UVA 11178 || Morley's Theorem （向量旋转求交点

/*几何模版*/
#include<iostream>
#include<cstdio>
#include<cmath>
#include<algorithm>
using namespace std;

struct point
{
double x,y,d;
point(double a,double b):x(a),y(b){}
point(){}
};
typedef point vec;

//向量+向量=向量, 点  +向量=点
vec operator +  ( vec a,   vec b)      {  return vec(a.x+b.x,a.y+b.y);}

vec operator -  ( point a, point b)    {  return vec(a.x-b.x,a.y-b.y);}

vec operator *  ( vec a,   double p)   {  return vec(a.x*p,a.y*p);}

vec operator /  ( vec a,   double p)   {  return vec(a.x/p,a.y/p);}

const double eps =1e-10;

// 点积（向量 a，向量 b）
double dot( vec a,vec b)    {   return a.x*b.x + a.y*b.y;}

double length( vec a)       {   return sqrt(dot(a,a) );}

//向量 a，b 的夹角
double angle(vec a,vec b)
{
return acos(    dot(a,b)/length(a)/length(b)    );
}

double cross( vec a,vec b ){    return a.x*b.y - a.y*b.x;}

// 向量 a 旋转 rad 弧度
vec rotat(vec a,double rad)
{
return vec( a.x*cos(rad)-a.y*sin(rad),a.x*sin(rad)+a.y*cos(rad));
}

//两条直线 p+tv 和 q + tw 有唯一交点，当且仅当 cross（v,w）！
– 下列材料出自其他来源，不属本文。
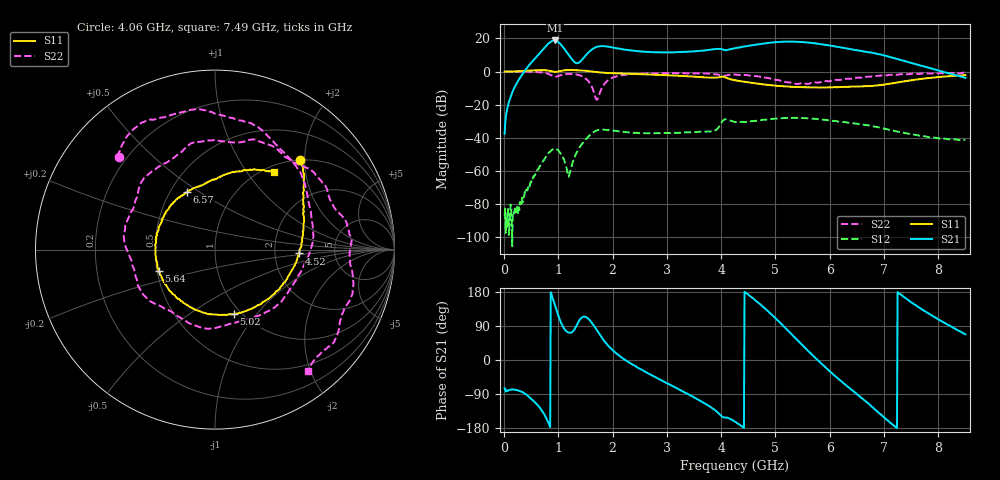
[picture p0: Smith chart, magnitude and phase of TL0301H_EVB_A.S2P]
!Agilent Technologies,E5071C,MY46523237,B.13.01
!Date: Tue Jan 11 12:29:02 2022
!Data & Calibration Information:
!Freq	S11:SOLT2(ON)	S21:SOLT2(ON)	S12:SOLT2(ON)	S22:SOLT2(ON)
!PortZ  Port1:50+j0  Port2:50+j0
!Above PortZ is port z conversion or system Z0 setting when saving the data.
!When reading, reference impedance value at option line is always used.
# Hz S dB R 50
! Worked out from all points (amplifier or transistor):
!   850 points, 10 MHz to 8.5 GHz, reference 50 ohm
!   highest |S21| = 18.8 dB at 940 MHz (marker M1)
!   |S21| within 3 dB of that: 4.548 GHz to 5.989 GHz (1.441 GHz wide, 27.3 % of centre)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
!   unconditionally stable (mu >= 1): 18.31 MHz to 25.47 MHz; 65.68 MHz to 72.83 MHz; 2.169 GHz to end of sweep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
!   at 1.42 GHz: K = -2.45, MSG = 25.5 dB, |S12| = -44.4 dB
!   at 4.26 GHz: K = 1.16, MAG = 19.9 dB, |S12| = -30.4 dB
!   at 8.5 GHz: K = 5.53, MAG = 8.3 dB, |S12| = -41.2 dB
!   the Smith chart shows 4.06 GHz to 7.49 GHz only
!   S11 on the Smith chart (normalised r, x): 4.06 GHz: 1.01, +1.90; 4.52 GHz: 2.74, -0.15; 5.02 GHz: 0.92, -0.77; 5.64 GHz: 0.51, -0.14; 6.57 GHz: 0.61, +0.45; 7.49 GHz: 1.10, +1.35
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1e7  -0.07 -1.0  -37.60 -74.8  -87.03 132.0  0.07 -0.6
5e8  0.67 -43.6  5.35 -102.1  -66.84 -175.9  -0.14 -38.6
7.4e8  0.84 -68.2  14.22 -142.9  -53.05 155.5  -0.77 -60.9
8.6e8  0.33 -81.0  18.00 179.1  -47.98 119.0  -2.12 -71.1
9.4e8  -0.12 -85.4  18.79 143.6  -46.60 85.6  -3.09 -70.4
1.12e9  0.84 -99.2  13.27 80.3  -54.94 34.6  -1.59 -78.4
1.43e9  0.63 -130.6  6.93 111.7  -44.05 114.0  -2.69 -127.1
1.75e9  -0.42 -156.8  15.27 69.8  -35.15 38.6  -14.21 27.9
2.03e9  -0.99 -173.8  14.34 22.3  -35.73 -15.3  -3.31 -63.3
2.84e9  -2.00 136.6  11.64 -49.4  -37.21 -83.8  -1.06 -142.1
4.06e9  -3.27 46.4  13.00 -151.8  -28.95 -149.2  -2.60 135.9
4.26e9  -5.25 25.3  14.15 -163.3  -30.43 172.1  -1.79 118.1
4.52e9  -6.61 -2.6  15.65 169.9  -30.22 148.7  -2.39 90.5
5.02e9  -8.54 -73.7  17.81 107.9  -28.33 95.4  -5.03 13.4
5.3e9  -9.22 -116.2  18.09 67.9  -27.96 58.8  -6.83 -48.0
5.64e9  -9.53 -159.4  17.38 18.7  -28.40 14.0  -7.08 -135.9
5.67e9  -9.48 -162.5  17.31 14.8  -28.44 10.4  -6.68 -141.9
6.11e9  -9.48 155.4  15.07 -43.3  -29.90 -44.8  -5.03 131.7
6.57e9  -8.93 115.7  12.53 -98.3  -31.84 -104.1  -3.70 56.3
7.09e9  -7.39 81.0  9.00 -162.6  -35.13 -174.1  -2.05 -12.8
7.49e9  -5.32 52.9  5.30 153.3  -37.76 137.2  -1.40 -52.7
8.5e9  -2.17 -9.4  -3.76 67.6  -41.17 32.0  -0.69 -124.2

=0
point getlinetnersection(point p,vec v,point q,vec w)
{
vec u = p-q;
double t = cross(w,u) /cross(v,w);
return p + v*t;
}

point getpoint( point a,point b,point c)
{
vec v1 = c- b;
double a1 = angle(a-b,v1);
v1 = rotat(v1,a1/3.0);

vec v2 = b-c;
double a2 = angle( a-c,v2);
v2 = rotat(v2,-a2/3.0);//负数表示顺时针玄真

return getlinetnersection(b,v1,c,v2);
}
int main()
{
int t;
cin>>t;
while( t-- )
{
point a,b,c,d,e,f;
int k = 3;
scanf("%lf %lf %lf %lf %lf %lf",
&a.x,&a.y,&b.x,&b.y,&c.x,&c.y);

d = getpoint(a,b,c);
e = getpoint(b,c,a);
f = getpoint(c,a,b);

printf("%.6lf %.6lf %.6lf %.6lf %.6lf %.6lf\n",
d.x,d.y,e.x,e.y,f.x,f.y);

}
return 0;
}